→ **Task description**
Write exactly the lines running from the start of the material below to the line that includes "doc.layers.add(name, color=color, linetype=linetype)", and include no pictures.

→ **Data for analysis**
* * * * * * *

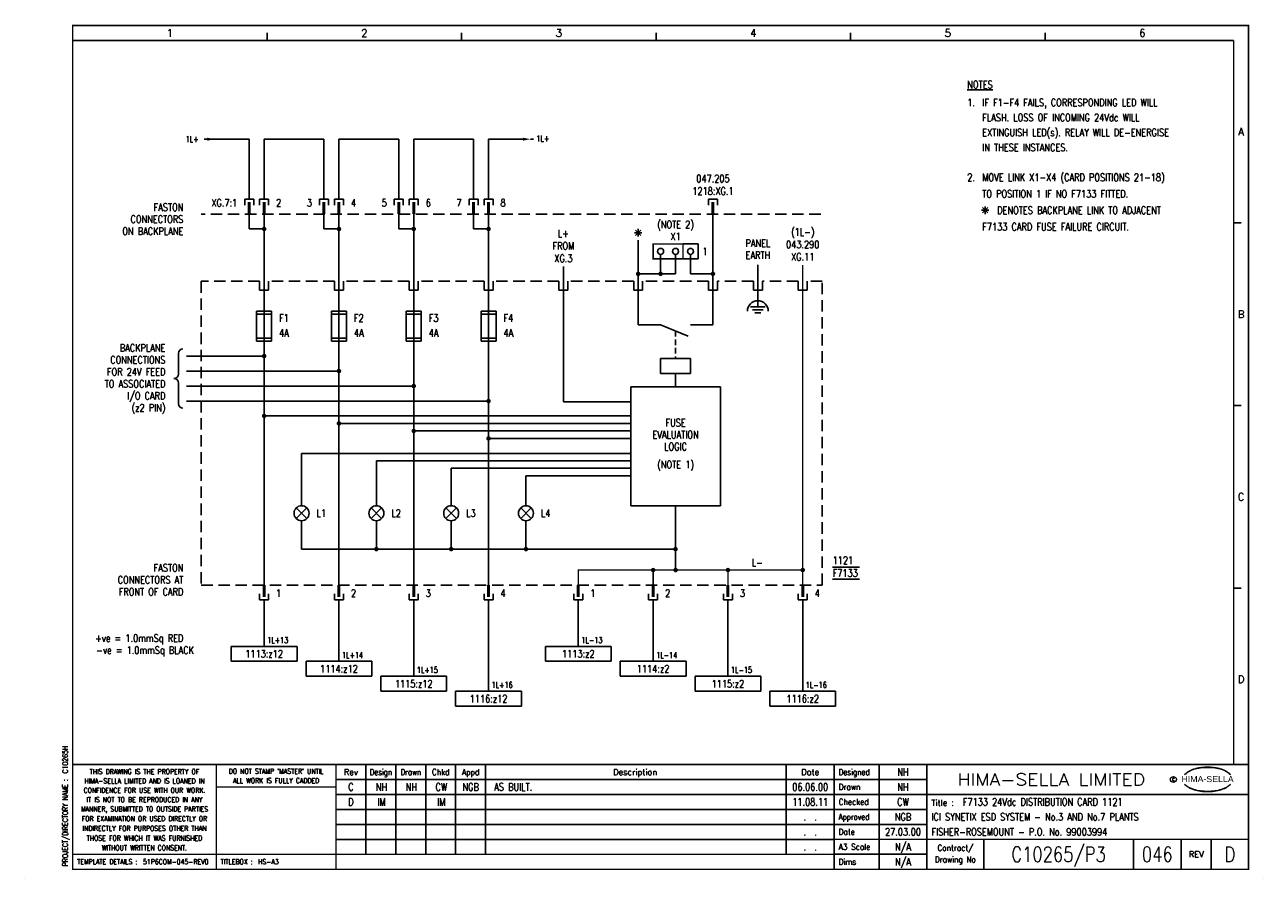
# Model space of a CAD drawing. Extents: x 0 to 414, y 0 to 285.
import ezdxf
from ezdxf.enums import TextEntityAlignment as Align

# ---------------------------------------------------------------- set-up
doc = ezdxf.new("R2010")
doc.units = 0
doc.header["$MEASUREMENT"] = 0
for name, pattern in [('CONTINU', [0]), ('HIDDEN', [9.525, 6.35, -3.175]), ('HIDDENX2', [19.05, 12.7, -6.35])]:
    doc.linetypes.add(name, pattern=pattern)
doc.layers.get('0').update_dxf_attribs({"linetype": 'CONTINUOUS'})
for name, color, linetype in [('COL', 2, 'CONTINU'), ('MCABBLACK-1_0', 4, 'CONTINUOUS'), ('MCABRED-1_0', 4, 'CONTINUOUS'), ('MCABRED-TR-2_5', 4, 'CONTINUOUS'), ('PCABBLACK-1_0', 7, 'CONTINUOUS'), ('PCABRED-1_0', 7, 'CONTINUOUS'), ('PCABRED-TR-2_5', 7, 'CONTINUOUS'), ('ROW', 2, 'CONTINU'), ('SNA', 2, 'CONTINUOUS'), ('TEXT', 2, 'CONTINUOUS'), ('TPOL', 3, 'CONTINUOUS'), ('UPS', 2, 'CONTINUOUS')]:
    doc.layers.add(name, color=color, linetype=linetype)
doc.styles.add('ARIAL', font='ARIAL.TTF', dxfattribs={"height": 2.5})
doc.styles.add('ROMAND', font='ROMAND')
doc.styles.add('ROMANS', font='romans.shx', dxfattribs={"width": 0.8})
doc.styles.add('SYMBOL', font='romans.shx', dxfattribs={"width": 0.8})
doc.styles.add('WIRES', font='ROMANS.shx', dxfattribs={"width": 0.8, "height": 2})

# ---------------------------------------------------------------- blocks, each defined once
blk = doc.blocks.new('EDREV')
at = {"color": 2, "style": 'ROMANS', "width": 0.8}
for tag, p in [('DES', (129.2, 29.25)), ('DRN', (139.2, 29.25)), ('CHKD', (149.2, 29.25)), ('DES', (129.2, 24.25)), ('DRN', (139.2, 24.25)), ('CHKD', (149.2, 24.25)), ('DES', (129.2, 19.25)), ('DRN', (139.2, 19.25)), ('CHKD', (149.2, 19.25)), ('DES', (129.2, 14.25)), ('DRN', (139.2, 14.25)), ('CHKD', (149.2, 14.25)), ('DES', (129.2, 9.25)), ('DRN', (139.2, 9.25)), ('CHKD', (149.2, 9.25))]:
    blk.add_attdef(tag, text='', height=2.5, dxfattribs=at).set_placement(p, align=Align.CENTER)
blk = doc.blocks.new('HS-A3')
at = {"color": 1}
for p, q in [((81, 280), (81, 282.5)), ((146, 280), (146, 282.5)), ((211, 280), (211, 282.5)), ((276, 280), (276, 282.5)), ((341, 280), (341, 282.5)), ((404, 219), (406.5, 219)), ((404, 158), (406.5, 158)), ((404, 97), (406.5, 97)), ((114, 38), (114, 8)), ((124, 8), (124, 38)), ((134, 8), (134, 38)), ((144, 38), (144, 8)), ((154, 38), (154, 8)), ((254.5, 38), (254.5, 8)), ((285.5, 38), (285.5, 3)), ((270.5, 33), (301.5, 33)), ((301.5, 28), (104, 28)), ((104, 23), (301.5, 23)), ((301.5, 18), (104, 18)), ((104, 13), (270.5, 13)), ((320.5, 13), (320.5, 3)), ((370.5, 13), (370.5, 3)), ((386.5, 3), (386.5, 13)), ((396.5, 13), (396.5, 3)), ((301.5, 8), (270.5, 8)), ((0, 0), (0, 0.025)), ((413.9, 0), (413.9, 0.025))]:
    blk.add_line(p, q, dxfattribs=at)
at = {"color": 1, "const_width": 0.5}
blk.add_lwpolyline([(16, 3), (409, 3), (409, 285), (16, 285)], close=True, dxfattribs=at)
for points in [[(16, 280), (404, 280)], [(404, 38), (404, 280)], [(409, 38), (16, 38)], [(64, 3), (64, 38)], [(104, 3), (104, 38)], [(270.5, 38), (270.5, 3)], [(301.5, 3), (301.5, 38)], [(270.5, 33), (104, 33)], [(104, 30.5), (64, 30.5)], [(409, 28), (301.5, 28)], [(270.5, 13), (409, 13)], [(270.5, 8), (16, 8)]]:
    blk.add_lwpolyline(points, dxfattribs=at)
at = {"color": 3, "lineweight": 13}
blk.add_circle((383.8795, 33), 1, dxfattribs=at)
for centre, radius, start, end in [((392.604, 29.3277), 7.2401, 106.0532, 133.5024), ((392.8763, 29.5135), 7.2999, 130.419, 136.057), ((392.1149, 30.6001), 5.9804, 122.244, 131.6154), ((391.752, 31.2819), 5.2104, 111.8206, 122.8668), ((393.7772, 27.1992), 9.7601, 107.5931, 113.9452), ((395.0991, 20.9965), 15.9367, 89.2698, 106.3911), ((394.0978, 26.015), 10.9859, 96.0146, 107.3203), ((395.2933, 18.8099), 18.2818, 92.8917, 97.3734), ((395.2419, 21.3644), 15.7281, 89.7805, 93.1738), ((395.5053, 20.9965), 15.9367, 73.6089, 90.7302), ((395.3626, 21.3644), 15.7281, 86.8262, 90.2195), ((395.3112, 18.8099), 18.2818, 82.6266, 87.1083), ((396.5067, 26.015), 10.9859, 72.6797, 83.9854), ((396.8272, 27.1992), 9.7601, 66.0548, 72.4069), ((398.0005, 29.3277), 7.2401, 46.4976, 73.9468), ((398.8524, 31.2819), 5.2104, 57.1332, 68.1794), ((398.4895, 30.6001), 5.9804, 48.3846, 57.756), ((397.7282, 29.5135), 7.2999, 43.943, 49.581), ((392.8763, 36.545), 7.2999, 223.943, 229.581), ((392.604, 36.7308), 7.2401, 226.4976, 253.9468), ((392.1149, 35.4585), 5.9804, 228.3846, 237.756), ((391.752, 34.7766), 5.2104, 237.1332, 248.1794), ((393.7772, 38.8593), 9.7601, 246.0548, 252.4069), ((395.0991, 45.062), 15.9367, 253.6089, 270.7302), ((394.0978, 40.0435), 10.9859, 252.6797, 263.9854), ((395.2933, 47.2486), 18.2818, 262.6266, 267.1083), ((395.2419, 44.6941), 15.7281, 266.8262, 270.2195), ((395.5053, 45.062), 15.9367, 269.2698, 286.3911), ((395.3626, 44.6941), 15.7281, 269.7805, 273.1738), ((395.3112, 47.2486), 18.2818, 272.8917, 277.3734), ((396.5067, 40.0435), 10.9859, 276.0146, 287.3203), ((396.8272, 38.8593), 9.7601, 287.5931, 293.9452), ((398.0005, 36.7308), 7.2401, 286.0532, 313.5024), ((398.8524, 34.7766), 5.2104, 291.8206, 302.8668), ((398.4895, 35.4585), 5.9804, 302.244, 311.6154), ((397.7282, 36.545), 7.2999, 310.419, 316.057)]:
    blk.add_arc(centre, radius, start, end, dxfattribs=at)
at = {"color": 2, "style": 'ROMAND'}
for s, p in [('1', (48.5, 282.5)), ('2', (113.5, 282.5)), ('3', (178.5, 282.5)), ('4', (243.5, 282.5)), ('5', (308.5, 282.5)), ('6', (373.5, 282.5)), ('A', (406.5, 249.5)), ('B', (406.5, 188.5)), ('C', (406.5, 127.5)), ('D', (406.5, 66.5))]:
    blk.add_text(s, height=2.5, dxfattribs=at).set_placement(p, align=Align.MIDDLE)
at = {"color": 3, "lineweight": 13, "style": 'ROMANS', "width": 0.8}
for s, p in [('HIMA-SELLA LIMITED AND IS LOANED IN', (40, 32.5193)), ('THIS DRAWING IS THE PROPERTY OF', (40, 35.6443)), ("DO NOT STAMP 'MASTER' UNTIL", (84, 35.7693)), ('ALL WORK IS FULLY CADDED', (84, 32.6443)), ('CONFIDENCE FOR USE WITH OUR WORK.', (40, 29.3879)), ('IT IS NOT TO BE REPRODUCED IN ANY', (40, 26.2629)), ('MANNER, SUBMITTED TO OUTSIDE PARTIES', (40, 23.1379)), ('FOR EXAMINATION OR USED DIRECTLY OR', (40, 19.9054)), ('INDIRECTLY FOR PURPOSES OTHER THAN', (40, 16.6554)), ('THOSE FOR WHICH IT WAS FURNISHED', (40, 13.4054)), ('WITHOUT WRITTEN CONSENT.', (40, 10.1554))]:
    blk.add_text(s, height=1.7, dxfattribs=at).set_placement(p, align=Align.MIDDLE_CENTER)
at = {"color": 4, "style": 'ROMAND'}
for s, p in [('Rev', (109, 34.5)), ('Description', (204, 34.5)), ('Date', (262.5, 34.5))]:
    blk.add_text(s, height=2, dxfattribs=at).set_placement(p, align=Align.CENTER)
for s, width, p in [('Design', 0.85, (119, 34.5)), ('Drawn', 0.85, (129, 34.5)), ('Chkd', 0.9, (139, 34.5)), ('Appd', 0.9, (149, 34.5))]:
    blk.add_text(s, height=2, dxfattribs=dict(at, width=width)).set_placement(p, align=Align.CENTER)
for s, width, p in [('Designed', 0.87, (272, 34.5)), ('Drawn', 0.9, (272, 29.5)), ('Checked', 0.9, (272, 24.5)), ('Approved', 0.85, (272, 19.5)), ('Date', 0.9, (272, 14.5)), ('A3 Scale', 0.9, (272, 9.5)), ('Dims', 0.9, (272, 4.5))]:
    blk.add_text(s, height=2, dxfattribs=dict(at, width=width)).set_placement(p)
at = {"color": 1, "style": 'ROMAND', "width": 1.15}
blk.add_text('HIMA-SELLA LIMITED', height=4, dxfattribs=at).set_placement((343.0965, 33), align=Align.MIDDLE)
at = {"color": 3, "lineweight": 13, "style": 'ROMANS', "width": 0.8}
blk.add_text('C', height=1, dxfattribs=at).set_placement((383.8436, 32.5), align=Align.CENTER)
at = {"color": 1, "style": 'ARIAL', "width": 1.05}
blk.add_text('HIMA-SELLA', height=2, dxfattribs=at).set_placement((395.3022, 32.1293), align=Align.CENTER)
at = {"color": 3, "style": 'ROMANS', "width": 0.8}
blk.add_text('PROJECT/DIRECTORY NAME :', height=1.7, rotation=90, dxfattribs=at).set_placement((13.5, 4), align=Align.MIDDLE_LEFT)
at = {"color": 4, "style": 'ROMAND'}
blk.add_text('Title :', height=2, dxfattribs=at).set_placement((303, 24.25))
at = {"color": 4, "style": 'ROMAND', "width": 0.9}
for s, p in [('Contract/', (311, 10)), ('Drawing No', (311, 6))]:
    blk.add_text(s, height=2, dxfattribs=at).set_placement(p, align=Align.MIDDLE)
at = {"color": 4, "style": 'ROMAND'}
blk.add_text('REV', height=2, dxfattribs=at).set_placement((391.5, 8), align=Align.MIDDLE)
at = {"color": 3, "style": 'ROMANS', "width": 0.8}
for s, p in [('TEMPLATE DETAILS :', (17.5, 5.5)), ('TITLEBOX :', (65.5, 5.5)), ('HS-A3', (78, 5.5))]:
    blk.add_text(s, height=1.7, dxfattribs=at).set_placement(p, align=Align.MIDDLE_LEFT)
at = {"layer": 'COL', "style": 'ROMAND', "flags": 9}
for tag, p in [('COL1', (48.5, 282.5)), ('COL2', (113.5, 282.5)), ('COL3', (178.5, 282.5)), ('COL4', (243.5, 282.5)), ('COL5', (308.5, 282.5)), ('COL6', (373.5, 282.5))]:
    blk.add_attdef(tag, p, '', height=2.5, dxfattribs=at)
at = {"layer": 'ROW', "style": 'ROMAND', "flags": 9}
for tag, p in [('ROW1', (406.5, 249.5)), ('ROW2', (406.5, 188.5)), ('ROW3', (406.5, 127.5)), ('ROW4', (406.5, 66.5))]:
    blk.add_attdef(tag, p, '', height=2.5, dxfattribs=at)
at = {"layer": 'UPS', "color": 3, "style": 'ROMANS', "width": 0.8, "flags": 8}
blk.add_attdef('PROJS->NOMPRO', text='', height=1.7, rotation=90, dxfattribs=at).set_placement((13.5, 35), align=Align.MIDDLE_LEFT)
at = {"layer": 'UPS', "style": 'ROMANS', "width": 2.74737, "flags": 8}
blk.add_attdef('PLANOS->MCAN1', text='', height=2.5, rotation=0.069611, dxfattribs=at).set_placement((156, 31.6443), (243, 31.75), align=Align.FIT)
at = {"layer": 'UPS', "style": 'ROMANS', "width": 0.8, "flags": 8}
for tag, height, p in [('PLANOS->VERIF', 2.5, (293.5, 34.25)), ('PLANOS->CANVI1', 2.5, (109, 29.25)), ('PLANOS->NCAN1', 2.5, (149, 29.25)), ('PLANOS->DCAN1', 2.5, (262.5, 29.25)), ('PLANOS->ORIG', 2.5, (293.5, 29.25)), ('PLANOS->CANVI2', 2.5, (109, 24.25)), ('PLANOS->NCAN2', 2.5, (149, 24.25)), ('PLANOS->DCAN2', 2.5, (262.5, 24.25)), ('PLANOS->HECHF', 2.5, (293.5, 24.25)), ('PLANOS->CANVI3', 2.5, (109, 19.25)), ('PLANOS->NCAN3', 2.5, (149, 19.25)), ('PLANOS->DCAN3', 2.5, (262.5, 19.25)), ('PLANOS->HECHD', 2.5, (293.5, 19.25)), ('PLANOS->CANVI4', 2.5, (109, 14.25)), ('PLANOS->NCAN4', 2.5, (149, 14.25)), ('PLANOS->DCAN4', 2.5, (262.5, 14.25)), ('PLANOS->DATACREA', 2.5, (293.5, 14.25)), ('PLANOS->CANVI5', 2.5, (109, 9.25)), ('PLANOS->NCAN5', 2.5, (149, 9.25)), ('PLANOS->DCAN5', 2.5, (262.5, 9.25)), ('PLANOS->NR1', 2.5, (293.5, 9.25)), ('PROJS->DESCPRO3', 5, (345.5, 5.5)), ('PLANOS->PLANO', 5, (378.5, 5.5)), ('PLANOS->USER', 5, (402.75, 5.5)), ('PLANOS->NR2', 2.5, (293.5, 4.25))]:
    blk.add_attdef(tag, text='', height=height, dxfattribs=at).set_placement(p, align=Align.CENTER)
at = {"layer": 'UPS', "style": 'ROMANS', "flags": 8}
for tag, width, p, p2 in [('PLANOS->MCAN2', 2.686765, (156, 26.75), (243, 26.75)), ('PLANOS->MCAN3', 2.686765, (156, 21.75), (243, 21.75)), ('PLANOS->MCAN4', 2.676923, (156, 16.75), (243, 16.75)), ('PLANOS->MCAN5', 2.686765, (156, 11.75), (243, 11.75))]:
    blk.add_attdef(tag, text='', height=2.5, dxfattribs=dict(at, width=width)).set_placement(p, p2, align=Align.FIT)
at = {"layer": 'UPS', "style": 'ROMANS', "width": 0.8, "flags": 8}
blk.add_attdef('PLANOS->DENOM', (313.5, 24.25), '', height=2.5, dxfattribs=at)
at = {"layer": 'UPS', "color": 4, "style": 'ROMANS', "width": 0.8, "flags": 8}
for tag, p in [('PROJS->DESCPRO1', (303, 19.25)), ('PROJS->DESCPRO2', (303, 14.25))]:
    blk.add_attdef(tag, p, '', height=2.5, dxfattribs=at)
at = {"layer": 'UPS', "color": 3, "style": 'ROMANS', "width": 0.8, "flags": 8}
blk.add_attdef('PLANOS->PROTOTIPO', text='', height=1.7, dxfattribs=at).set_placement((39.5, 5.5), align=Align.MIDDLE_LEFT)
at = {"layer": 'UPS', "style": 'ROMANS', "width": 0.8, "flags": 8}
blk.add_attdef('PLANOS->OBS4', text='', height=2.5, dxfattribs=at).set_placement((107, 5.5), align=Align.MIDDLE_LEFT)

msp = doc.modelspace()

# ---------------------------------------------------------------- linework, layer by layer
for p, q in [((63.5, 247), (60, 247)), ((170, 247), (169, 247)), ((73.5, 225), (73.5, 227)), ((76.5, 227), (73.5, 227)), ((76.5, 225), (76.5, 227)), ((78.5, 225), (78.5, 227)), ((78.5, 227), (81.5, 227)), ((81.5, 225), (81.5, 227)), ((98.5, 225), (98.5, 227)), ((101.5, 227), (98.5, 227)), ((101.5, 225), (101.5, 227)), ((103.5, 225), (103.5, 227)), ((103.5, 227), (106.5, 227)), ((106.5, 225), (106.5, 227)), ((123.5, 225), (123.5, 227)), ((126.5, 227), (123.5, 227)), ((126.5, 225), (126.5, 227)), ((128.5, 225), (128.5, 227)), ((128.5, 227), (131.5, 227)), ((131.5, 225), (131.5, 227)), ((148.5, 225), (148.5, 227)), ((151.5, 227), (148.5, 227)), ((151.5, 225), (151.5, 227)), ((153.5, 227), (156.5, 227)), ((153.5, 225), (153.5, 227)), ((156.5, 225), (156.5, 227)), ((228.5, 225), (228.5, 227)), ((231.5, 227), (228.5, 227)), ((231.5, 225), (231.5, 227)), ((75, 217), (75, 222)), ((80, 222), (80, 98)), ((100, 217), (100, 222)), ((105, 222), (105, 98)), ((125, 217), (125, 222)), ((130, 222), (130, 98)), ((150, 217), (150, 222)), ((155, 222), (155, 98)), ((230, 185), (230, 222)), ((80, 217), (75, 217)), ((105, 217), (100, 217)), ((130, 217), (125, 217)), ((155, 217), (150, 217)), ((203.75, 215.75), (206.25, 215.75)), ((204.1161, 214.8661), (205.8839, 216.6339)), ((205.8839, 214.8661), (204.1161, 216.6339)), ((205, 214.5), (205, 217)), ((205, 185), (205, 213.25)), ((225, 212), (220, 212)), ((225, 207), (225, 212)), ((212.5, 202), (212.5, 208.5)), ((217.5, 202), (217.5, 208.5)), ((225, 207), (220, 207)), ((222.5, 202), (222.5, 208.5)), ((180, 159.25), (180, 204.5)), ((245, 191), (245, 205)), ((217.5, 202), (205, 202)), ((230, 202), (222.5, 202)), ((242.5, 191), (247.5, 191)), ((77.5, 189.5), (77.5, 179.5)), ((82.5, 189.5), (77.5, 189.5)), ((82.5, 188.5), (77.5, 188.5)), ((82.5, 179.5), (82.5, 189.5)), ((107.5, 189.5), (102.5, 189.5)), ((102.5, 189.5), (102.5, 179.5)), ((107.5, 188.5), (102.5, 188.5)), ((107.5, 179.5), (107.5, 189.5)), ((132.5, 189.5), (127.5, 189.5)), ((127.5, 189.5), (127.5, 179.5)), ((132.5, 188.5), (127.5, 188.5)), ((132.5, 179.5), (132.5, 189.5)), ((157.5, 189.5), (152.5, 189.5)), ((152.5, 189.5), (152.5, 179.5)), ((157.5, 188.5), (152.5, 188.5)), ((157.5, 179.5), (157.5, 189.5)), ((243.25, 190), (246.75, 190)), ((244, 189), (246, 189)), ((212.5, 185), (205, 185)), ((212.5, 185), (221.7501, 181.2006)), ((230, 185), (222.5, 185)), ((77.5, 180.5), (82.5, 180.5)), ((77.5, 179.5), (82.5, 179.5)), ((102.5, 180.5), (107.5, 180.5)), ((102.5, 179.5), (107.5, 179.5)), ((127.5, 180.5), (132.5, 180.5)), ((127.5, 179.5), (132.5, 179.5)), ((152.5, 180.5), (157.5, 180.5)), ((152.5, 179.5), (157.5, 179.5)), ((51.3594, 175.4094), (51.3594, 168.5094)), ((80, 174.5), (54, 174.5)), ((212.5, 173.75), (212.5, 168.75)), ((222.5, 173.75), (212.5, 173.75)), ((222.5, 168.75), (222.5, 173.75)), ((105, 169.5), (54, 169.5)), ((212.5, 168.75), (222.5, 168.75)), ((217.5, 164.25), (217.5, 168.75)), ((51.3594, 158.5906), (51.3594, 165.4906)), ((130, 164.5), (54, 164.5)), ((202.5, 164.25), (202.5, 124.5)), ((232.5, 164.25), (202.5, 164.25)), ((232.5, 124.5), (232.5, 164.25)), ((155, 159.5), (54, 159.5)), ((202.5, 159.25), (180, 159.25)), ((80, 154.5), (202.5, 154.5)), ((105, 152), (202.5, 152)), ((130, 149.5), (202.5, 149.5)), ((155, 147), (202.5, 147)), ((92.5, 142), (92.5, 124.5)), ((92.5, 142), (202.5, 142)), ((117.5, 139.5), (117.5, 124.5)), ((117.5, 139.5), (202.5, 139.5)), ((142.5, 137), (142.5, 124.5)), ((142.5, 137), (202.5, 137)), ((167.5, 134.5), (167.5, 124.5)), ((167.5, 134.5), (202.5, 134.5)), ((202.5, 124.5), (232.5, 124.5)), ((217.5, 124.5), (217.5, 103)), ((90.7322, 123.7678), (94.2678, 120.2322)), ((90.7322, 120.2322), (94.2678, 123.7678)), ((115.7322, 123.7678), (119.2678, 120.2322)), ((115.7322, 120.2322), (119.2678, 123.7678)), ((140.7322, 123.7678), (144.2678, 120.2322)), ((140.7322, 120.2322), (144.2678, 123.7678)), ((165.7322, 123.7678), (169.2678, 120.2322)), ((165.7322, 120.2322), (169.2678, 123.7678)), ((92.5, 119.5), (92.5, 110)), ((117.5, 119.5), (117.5, 110)), ((142.5, 119.5), (142.5, 110)), ((167.5, 119.5), (167.5, 110)), ((92.5, 110), (217.5, 110)), ((270, 104), (279, 104)), ((270, 100), (279, 100)), ((78.5, 95), (78.5, 93)), ((78.5, 93), (81.5, 93)), ((81.5, 95), (81.5, 93)), ((103.5, 95), (103.5, 93)), ((103.5, 93), (106.5, 93)), ((106.5, 95), (106.5, 93)), ((128.5, 95), (128.5, 93)), ((128.5, 93), (131.5, 93)), ((131.5, 95), (131.5, 93)), ((153.5, 95), (153.5, 93)), ((153.5, 93), (156.5, 93)), ((156.5, 95), (156.5, 93)), ((183.5, 95), (183.5, 93)), ((183.5, 93), (186.5, 93)), ((186.5, 95), (186.5, 93)), ((208.5, 95), (208.5, 93)), ((208.5, 93), (211.5, 93)), ((211.5, 95), (211.5, 93)), ((233.5, 95), (233.5, 93)), ((233.5, 93), (236.5, 93)), ((236.5, 95), (236.5, 93)), ((258.5, 95), (258.5, 93)), ((258.5, 93), (261.5, 93)), ((261.5, 95), (261.5, 93)), ((91, 77.5), (69, 77.5)), ((69, 77.5), (69, 72.5)), ((91, 72.5), (91, 77.5)), ((196, 77.5), (174, 77.5)), ((174, 77.5), (174, 72.5)), ((196, 72.5), (196, 77.5)), ((69, 72.5), (91, 72.5)), ((116, 72.5), (94, 72.5)), ((94, 72.5), (94, 67.5)), ((116, 67.5), (116, 72.5)), ((174, 72.5), (196, 72.5)), ((221, 72.5), (199, 72.5)), ((199, 72.5), (199, 67.5)), ((221, 67.5), (221, 72.5)), ((94, 67.5), (116, 67.5)), ((141, 67.5), (119, 67.5)), ((119, 67.5), (119, 62.5)), ((141, 62.5), (141, 67.5)), ((199, 67.5), (221, 67.5)), ((246, 67.5), (224, 67.5)), ((224, 67.5), (224, 62.5)), ((246, 62.5), (246, 67.5)), ((119, 62.5), (141, 62.5)), ((144, 62.5), (144, 57.5)), ((166, 62.5), (144, 62.5)), ((166, 57.5), (166, 62.5)), ((224, 62.5), (246, 62.5)), ((249, 62.5), (249, 57.5)), ((271, 62.5), (249, 62.5)), ((271, 57.5), (271, 62.5)), ((144, 57.5), (166, 57.5)), ((249, 57.5), (271, 57.5))]:
    msp.add_line(p, q)
at = {"linetype": 'HIDDENX2', "ltscale": 0.3}
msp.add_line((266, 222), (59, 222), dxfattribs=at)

* * * * * * *

→ **Result for this task**
# Model space of a CAD drawing. Extents: x 0 to 414, y 0 to 285.
import ezdxf
from ezdxf.enums import TextEntityAlignment as Align

# ---------------------------------------------------------------- set-up
doc = ezdxf.new("R2010")
doc.units = 0
doc.header["$MEASUREMENT"] = 0
for name, pattern in [('CONTINU', [0]), ('HIDDEN', [9.525, 6.35, -3.175]), ('HIDDENX2', [19.05, 12.7, -6.35])]:
    doc.linetypes.add(name, pattern=pattern)
doc.layers.get('0').update_dxf_attribs({"linetype": 'CONTINUOUS'})
for name, color, linetype in [('COL', 2, 'CONTINU'), ('MCABBLACK-1_0', 4, 'CONTINUOUS'), ('MCABRED-1_0', 4, 'CONTINUOUS'), ('MCABRED-TR-2_5', 4, 'CONTINUOUS'), ('PCABBLACK-1_0', 7, 'CONTINUOUS'), ('PCABRED-1_0', 7, 'CONTINUOUS'), ('PCABRED-TR-2_5', 7, 'CONTINUOUS'), ('ROW', 2, 'CONTINU'), ('SNA', 2, 'CONTINUOUS'), ('TEXT', 2, 'CONTINUOUS'), ('TPOL', 3, 'CONTINUOUS'), ('UPS', 2, 'CONTINUOUS')]:
    doc.layers.add(name, color=color, linetype=linetype)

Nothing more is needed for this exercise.